KBR in cooperation with UGent, ULB, VUB and UCL invites you to attend a scholarly series on digital cultural heritage: the KBR Digital Heritage Seminar.
In this series from February to June 2022 we will virtually host three academic scholars in presenting their work on cultural heritage and specifically on image processing. “The devil is in the details!” When it comes to digital cultural heritage, this is as true as “The devil is in the images!” Great efforts have been devoted to the digitization of original collections in the cultural heritage. On the one hand, this helps greatly in promoting the collections and in allowing the general public to have much easier access to the collections (e.g. by publishing the images on websites like our digital library Belgica). On the other hand, technologies still need to be advanced in order to fully exploit the information (e.g. texts) that are still locked behind the digitized images. In this series, we are very honored to have three researchers who have rich experiences in image analysis and especially for extracting information from digitized collections.
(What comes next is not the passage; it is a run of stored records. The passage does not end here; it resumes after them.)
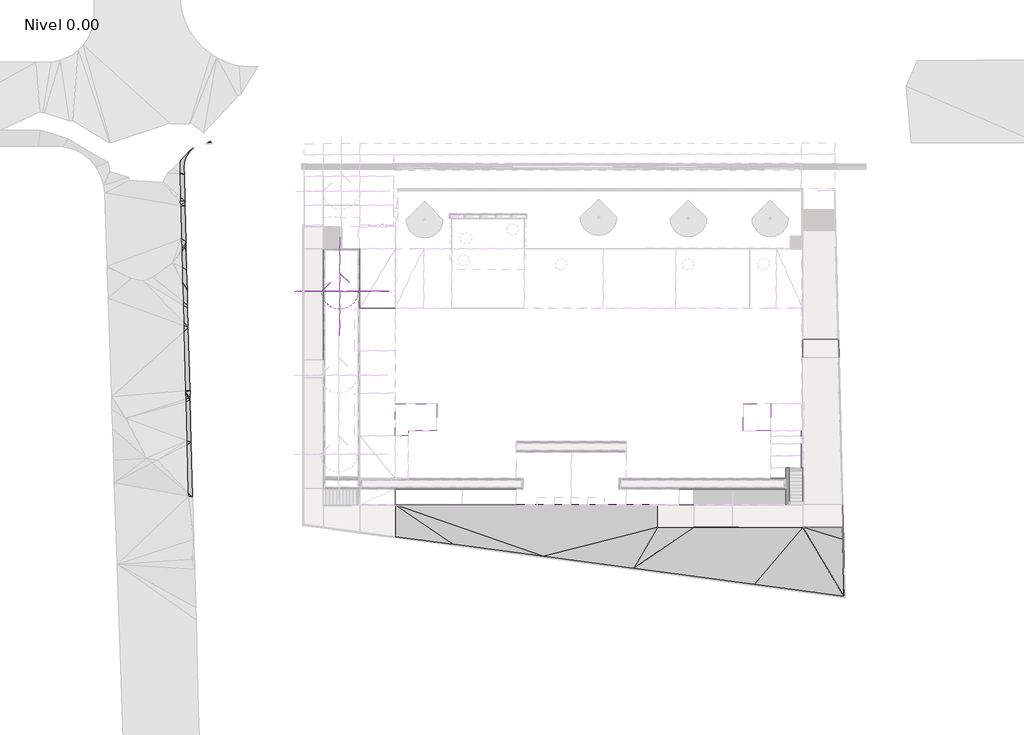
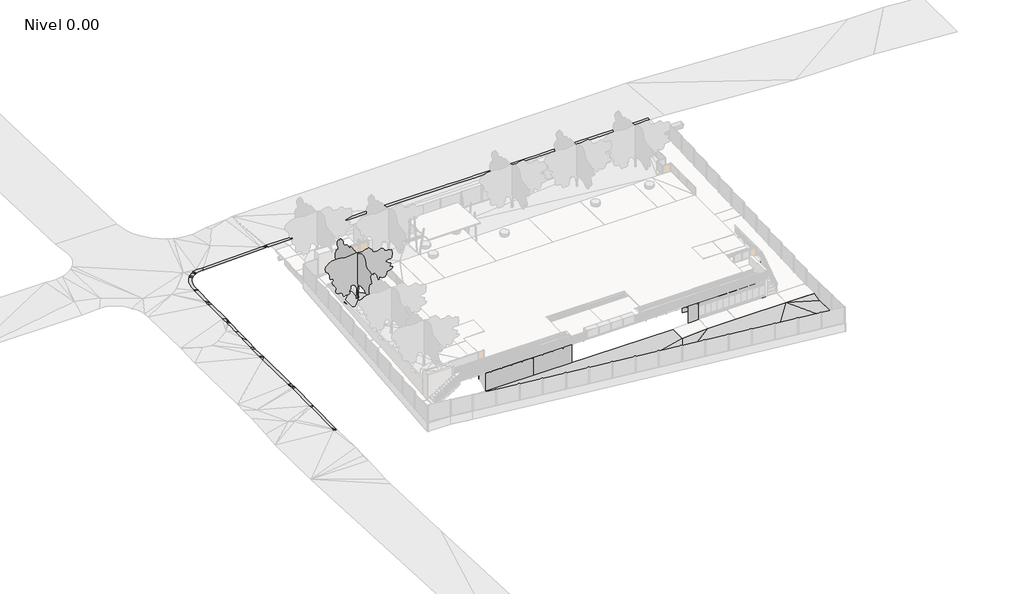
# One storey, part 8 of 10: 19 proxies, 1 geographic element.
"""IFC4 building model written with IfcOpenShell, lengths in millimetres."""

from ifc_helpers import new_model, si_unit, origin, place, context, project, spatial, triangles, transform, mapped, element, save
from components import m_rpc_tree_deciduous_31fc5fb8

model = new_model("IFC4")

# Units and contexts
model_context = context("Model", 3, world=origin())
ifc_project = project(units=[si_unit("LENGTHUNIT", "METRE", prefix="MILLI")], contexts=[model_context])

# Site, building, storey
site = spatial("IfcSite", under=ifc_project)
building = spatial("IfcBuilding", under=site)
storey = spatial("IfcBuildingStorey", under=building, Name="Nivel 0.00", Elevation=0.0)

# Proxies
placement = place(None, origin())
element("IfcBuildingElementProxy", 1, Name="Building Element Proxy", at=placement, inside=storey, context=model_context, shape_type="Tessellation", body=[
    triangles([(-22137.5720032, -3508.259697, 119.2509151), (-22137.5720032, -3508.259697, -86.1539891), (-22137.5720032, -905.6664488, 379.6572041), (-22137.5720032, -905.6664488, 76.357058), (-22137.5720032, 446.4089799, 514.9410613), (-22137.5720032, 446.4089799, 141.3746737), (-22137.5720032, 2267.6967567, 697.172707), (-22137.5720032, 2267.6967567, 296.9855787), (-22137.5720032, 2497.1635643, 720.1323521), (-22137.5720032, 2497.1635643, 305.5340758), (-22137.5720032, 2800.6900955, 750.5021553), (-22137.5720032, 2800.6900955, 333.9799049), (-22137.5720032, 5786.4485458, 1049.246493), (-22137.5720032, 5786.4485458, 593.9467767)], [[1, 4, 2], [1, 3, 4], [3, 6, 4], [3, 5, 6], [5, 8, 6], [5, 7, 8], [7, 10, 8], [7, 9, 10], [9, 12, 10], [9, 11, 12], [11, 14, 12], [11, 13, 14]], closed=False),
    triangles([(-22137.5720032, -3508.259697, 119.2509151), (-22137.5720032, -3508.259697, -86.1539891), (-22137.5720032, -905.6664488, 379.6572041), (-22137.5720032, -905.6664488, 76.357058), (-22137.5720032, 446.4089799, 514.9410613), (-22137.5720032, 446.4089799, 141.3746737), (-22137.5720032, 2267.6967567, 697.172707), (-22137.5720032, 2267.6967567, 296.9855787), (-22137.5720032, 2497.1635643, 720.1323521), (-22137.5720032, 2497.1635643, 305.5340758), (-22137.5720032, 2800.6900955, 750.5021553), (-22137.5720032, 2800.6900955, 333.9799049), (-22137.5720032, 5786.4485458, 1049.246493), (-22137.5720032, 5786.4485458, 593.9467767)], [[1, 4, 2], [1, 3, 4], [3, 6, 4], [3, 5, 6], [5, 8, 6], [5, 7, 8], [7, 10, 8], [7, 9, 10], [9, 12, 10], [9, 11, 12], [11, 14, 12], [11, 13, 14]], closed=False),
    triangles([(-22137.5720032, 5786.4921478, 1049.2509258), (-23758.2800537, 5786.4921478, 1049.2509258), (-23758.2800537, -3508.259697, 119.2509151), (-22137.5720032, -3508.259697, 119.2509151)], [[2, 3, 1], [4, 1, 3]], closed=False),
])
element("IfcBuildingElementProxy", 2, Name="Building Element Proxy", at=placement, inside=storey, context=model_context, shape_type="Tessellation", body=[
    triangles([(-10487.4726471, -14354.5645111, 1349.9821335), (-10487.4726471, -14354.5645111, -708.8708302), (-10859.558075, -14354.5645111, 1349.9821335), (-10859.558075, -14354.5645111, -708.8708302), (-12842.4986664, -14354.5645111, 1349.9821335), (-12842.4986664, -14354.5645111, -291.2762252), (-13097.231955, -14354.5645111, 1349.9821335), (-13097.231955, -14354.5645111, -405.7781387), (-14168.7026001, -14354.5645111, 1349.9821335), (-14168.7026001, -14354.5645111, -166.0200989), (-15946.7963928, -14354.5645111, 1349.9821335), (-15946.7963928, -14354.5645111, -144.749177), (-16105.5192627, -14354.5645111, 1349.9821335), (-16105.5192627, -14354.5645111, -149.0310741), (-16105.5192627, -14702.1095764, 1355.3350044), (-16105.5192627, -14702.1095764, -166.0200989), (-16105.5192627, -14715.8006012, 1355.5458927), (-16105.5192627, -14715.8006012, -166.0200989), (-16105.5192627, -14732.9344391, 1355.8098301), (-16105.5192627, -14732.9344391, -166.0200989), (-16105.5192627, -15653.0782745, 1369.9820755), (-16105.5192627, -15653.0782745, -850.00473), (-15529.8718414, -15653.0782745, 1369.9820755), (-15529.8718414, -15653.0782745, -900.0000069), (-14652.3102905, -15653.0782745, 1369.9820755), (-14652.3102905, -15653.0782745, -900.0000069), (-13764.4493683, -15653.0782745, 1369.9820755), (-13764.4493683, -15653.0782745, -900.0000069), (-12715.0087738, -15653.0782745, 1369.9820755), (-12715.0087738, -15653.0782745, -900.0000069), (-10487.4726471, -15653.0782745, 1369.9820755), (-10487.4726471, -15653.0782745, -900.0000069)], [[1, 4, 2], [1, 3, 4], [3, 6, 4], [3, 5, 6], [5, 8, 6], [5, 7, 8], [7, 10, 8], [7, 9, 10], [9, 12, 10], [9, 11, 12], [11, 14, 12], [11, 13, 14], [13, 16, 14], [13, 15, 16], [15, 18, 16], [15, 17, 18], [17, 20, 18], [17, 19, 20], [19, 22, 20], [19, 21, 22], [21, 24, 22], [21, 23, 24], [23, 26, 24], [23, 25, 26], [25, 28, 26], [25, 27, 28], [27, 30, 28], [27, 29, 30], [29, 32, 30], [29, 31, 32]], closed=False),
    triangles([(-10487.4726471, -14354.5645111, 1349.9821335), (-10487.4726471, -14354.5645111, -708.8708302), (-10859.558075, -14354.5645111, 1349.9821335), (-10859.558075, -14354.5645111, -708.8708302), (-12842.4986664, -14354.5645111, 1349.9821335), (-12842.4986664, -14354.5645111, -291.2762252), (-13097.231955, -14354.5645111, 1349.9821335), (-13097.231955, -14354.5645111, -405.7781387), (-14168.7026001, -14354.5645111, 1349.9821335), (-14168.7026001, -14354.5645111, -166.0200989), (-15946.7963928, -14354.5645111, 1349.9821335), (-15946.7963928, -14354.5645111, -144.749177), (-16105.5192627, -14354.5645111, 1349.9821335), (-16105.5192627, -14354.5645111, -149.0310741), (-16105.5192627, -14702.1095764, 1355.3350044), (-16105.5192627, -14702.1095764, -166.0200989), (-16105.5192627, -14715.8006012, 1355.5458927), (-16105.5192627, -14715.8006012, -166.0200989), (-16105.5192627, -14732.9344391, 1355.8098301), (-16105.5192627, -14732.9344391, -166.0200989), (-16105.5192627, -15653.0782745, 1369.9820755), (-16105.5192627, -15653.0782745, -850.00473), (-15529.8718414, -15653.0782745, 1369.9820755), (-15529.8718414, -15653.0782745, -900.0000069), (-14652.3102905, -15653.0782745, 1369.9820755), (-14652.3102905, -15653.0782745, -900.0000069), (-13764.4493683, -15653.0782745, 1369.9820755), (-13764.4493683, -15653.0782745, -900.0000069), (-12715.0087738, -15653.0782745, 1369.9820755), (-12715.0087738, -15653.0782745, -900.0000069), (-10487.4726471, -15653.0782745, 1369.9820755), (-10487.4726471, -15653.0782745, -900.0000069)], [[1, 4, 2], [1, 3, 4], [3, 6, 4], [3, 5, 6], [5, 8, 6], [5, 7, 8], [7, 10, 8], [7, 9, 10], [9, 12, 10], [9, 11, 12], [11, 14, 12], [11, 13, 14], [13, 16, 14], [13, 15, 16], [15, 18, 16], [15, 17, 18], [17, 20, 18], [17, 19, 20], [19, 22, 20], [19, 21, 22], [21, 24, 22], [21, 23, 24], [23, 26, 24], [23, 25, 26], [25, 28, 26], [25, 27, 28], [27, 30, 28], [27, 29, 30], [29, 32, 30], [29, 31, 32]], closed=False),
    triangles([(-10487.4726471, -14354.5645111, 1349.9821335), (-16105.5192627, -14354.5645111, 1349.9821335), (-16105.5192627, -15653.0782745, 1369.9820755), (-10487.4726471, -15653.0782745, 1369.9820755)], [[2, 3, 4], [4, 1, 2]], closed=False),
])
element("IfcBuildingElementProxy", 3, Name="Building Element Proxy", at=placement, inside=storey, context=model_context, shape_type="Tessellation", body=[
    triangles([(-10487.4726471, -15653.0782745, 1369.9820755), (-10487.4726471, -15653.0782745, -900.0000069), (-8952.5465698, -15653.0782745, 1369.9820755), (-8952.5465698, -15653.0782745, -900.0000069), (-8559.6159027, -15653.0782745, 1369.9820755), (-8559.6159027, -15653.0782745, -865.2527092), (-7664.4903076, -15653.0782745, 1369.9820755), (-7664.4903076, -15653.0782745, -900.0000069), (-6552.0779755, -15653.0782745, 1369.9820755), (-6552.0779755, -15653.0782745, -900.0000069), (-5969.7251495, -15653.0782745, 1369.9820755), (-5969.7251495, -15653.0782745, -900.0000069)], [[1, 4, 2], [1, 3, 4], [3, 6, 4], [3, 5, 6], [5, 8, 6], [5, 7, 8], [7, 10, 8], [7, 9, 10], [9, 12, 10], [9, 11, 12]], closed=False),
    triangles([(-10487.4726471, -14354.5645111, 1349.9821335), (-10487.4726471, -14354.5645111, -708.8708302), (-10451.6097198, -14354.5645111, 1349.9821335), (-10451.6097198, -14354.5645111, -708.8708302), (-9718.3073868, -14354.5645111, 1349.9821335), (-9718.3073868, -14354.5645111, -677.5093723), (-9627.9809235, -14354.5645111, 1349.9821335), (-9627.9809235, -14354.5645111, -666.0201027), (-8884.8239594, -14354.5645111, 1349.9821335), (-8884.8239594, -14354.5645111, -368.3865621), (-8453.6671371, -14354.5645111, 1349.9821335), (-8453.6671371, -14354.5645111, -371.3625069), (-7304.015799, -14354.5645111, 1349.9821335), (-7304.015799, -14354.5645111, -526.0554265), (-5969.7251495, -14354.5645111, 1349.9821335), (-5969.7251495, -14354.5645111, -759.8179384), (-5969.7251495, -14354.6621796, 1349.9835869), (-5969.7251495, -14354.6621796, -759.838286)], [[1, 4, 2], [1, 3, 4], [3, 6, 4], [3, 5, 6], [5, 8, 6], [5, 7, 8], [7, 10, 8], [7, 9, 10], [9, 12, 10], [9, 11, 12], [11, 14, 12], [11, 13, 14], [13, 16, 14], [13, 15, 16], [15, 18, 16], [15, 17, 18]], closed=False),
    triangles([(-5969.7251495, -14354.6621796, 1349.9835869), (-5969.7251495, -14354.6621796, -759.838286), (-5969.7251495, -14354.5645111, 1349.9821335), (-5969.7251495, -14354.5645111, -759.8179384)], [[1, 4, 2], [1, 3, 4]], closed=False),
    triangles([(-10487.4726471, -15653.0782745, 1369.9820755), (-10487.4726471, -15653.0782745, -900.0000069), (-8952.5465698, -15653.0782745, 1369.9820755), (-8952.5465698, -15653.0782745, -900.0000069), (-8559.6159027, -15653.0782745, 1369.9820755), (-8559.6159027, -15653.0782745, -865.2527092), (-7664.4903076, -15653.0782745, 1369.9820755), (-7664.4903076, -15653.0782745, -900.0000069), (-6552.0779755, -15653.0782745, 1369.9820755), (-6552.0779755, -15653.0782745, -900.0000069), (-5969.7251495, -15653.0782745, 1369.9820755), (-5969.7251495, -15653.0782745, -900.0000069)], [[1, 4, 2], [1, 3, 4], [3, 6, 4], [3, 5, 6], [5, 8, 6], [5, 7, 8], [7, 10, 8], [7, 9, 10], [9, 12, 10], [9, 11, 12]], closed=False),
    triangles([(-5969.7251495, -14354.5645111, 1349.9821335), (-5969.7251495, -14354.5645111, -759.8179384), (-7304.015799, -14354.5645111, 1349.9821335), (-7304.015799, -14354.5645111, -526.0554265), (-8453.6671371, -14354.5645111, 1349.9821335), (-8453.6671371, -14354.5645111, -371.3625069), (-8884.8239594, -14354.5645111, 1349.9821335), (-8884.8239594, -14354.5645111, -368.3865621), (-9627.9809235, -14354.5645111, 1349.9821335), (-9627.9809235, -14354.5645111, -666.0201027), (-9718.3073868, -14354.5645111, 1349.9821335), (-9718.3073868, -14354.5645111, -677.5093723), (-10451.6097198, -14354.5645111, 1349.9821335), (-10451.6097198, -14354.5645111, -708.8708302), (-10487.4726471, -14354.5645111, 1349.9821335), (-10487.4726471, -14354.5645111, -708.8708302)], [[1, 4, 2], [1, 3, 4], [3, 6, 4], [3, 5, 6], [5, 8, 6], [5, 7, 8], [7, 10, 8], [7, 9, 10], [9, 12, 10], [9, 11, 12], [11, 14, 12], [11, 13, 14], [13, 16, 14], [13, 15, 16]], closed=False),
    triangles([(-5969.7251495, -14354.5645111, 1349.9821335), (-10487.4726471, -14354.5645111, 1349.9821335), (-10487.4726471, -15653.0782745, 1369.9820755), (-5969.7251495, -15653.0782745, 1369.9820755)], [[2, 3, 4], [4, 1, 2]], closed=False),
])
element("IfcBuildingElementProxy", 4, Name="Building Element Proxy", at=placement, inside=storey, context=model_context, shape_type="Tessellation", body=[
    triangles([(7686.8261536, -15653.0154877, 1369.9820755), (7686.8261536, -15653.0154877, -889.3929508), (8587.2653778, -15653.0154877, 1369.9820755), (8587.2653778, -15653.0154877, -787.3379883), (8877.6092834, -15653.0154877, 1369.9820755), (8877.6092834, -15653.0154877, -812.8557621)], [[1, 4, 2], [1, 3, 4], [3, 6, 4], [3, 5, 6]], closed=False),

Clemens Neudecker, Berlin State Library, Berlin, Germany will present on “New Tools for Old Documents – Layout Analysis and OCR with Deep Learning and Heuristics” on 11 April 2022
14:00 - 15:30 CEST.
This talk will discuss the main achievements and experiences of the QURATOR project at the Berlin State Library (SBB) for document layout analysis. Historical documents that are being digitized in large quantities by libraries and archives frequently exhibit a wide array of features that disturb layout analysis, such as complex layouts with multiple columns, drop capitals and illustrations, skewed or curved text lines, noise, annotations, etc.
In order to deal with these challenges and defects, a robust document layout analysis was developed that is implemented by pixel-wise segmentation using convolutional neural networks. In addition, heuristic methods are applied to detect columns or marginalia, and to determine the reading order of text regions. A key objective lies in feeding the resulting outputs to subsequent processes like a text recognition (OCR) engine or an image similarity search.
About the speaker
Clemens Neudecker studied Philosophy, Computer Science and Political Science at Ludwig Maximilian University (LMU) of Munich. For more than 15 years, he has been working in R&D at various Digital Libraries, including the Bavarian State Library and National Library of the Netherlands. Clemens is currently a researcher and a project coordinator at the Berlin State Library. He is also a member of the Council at Europeana, the European Union’s digital platform for cultural heritage.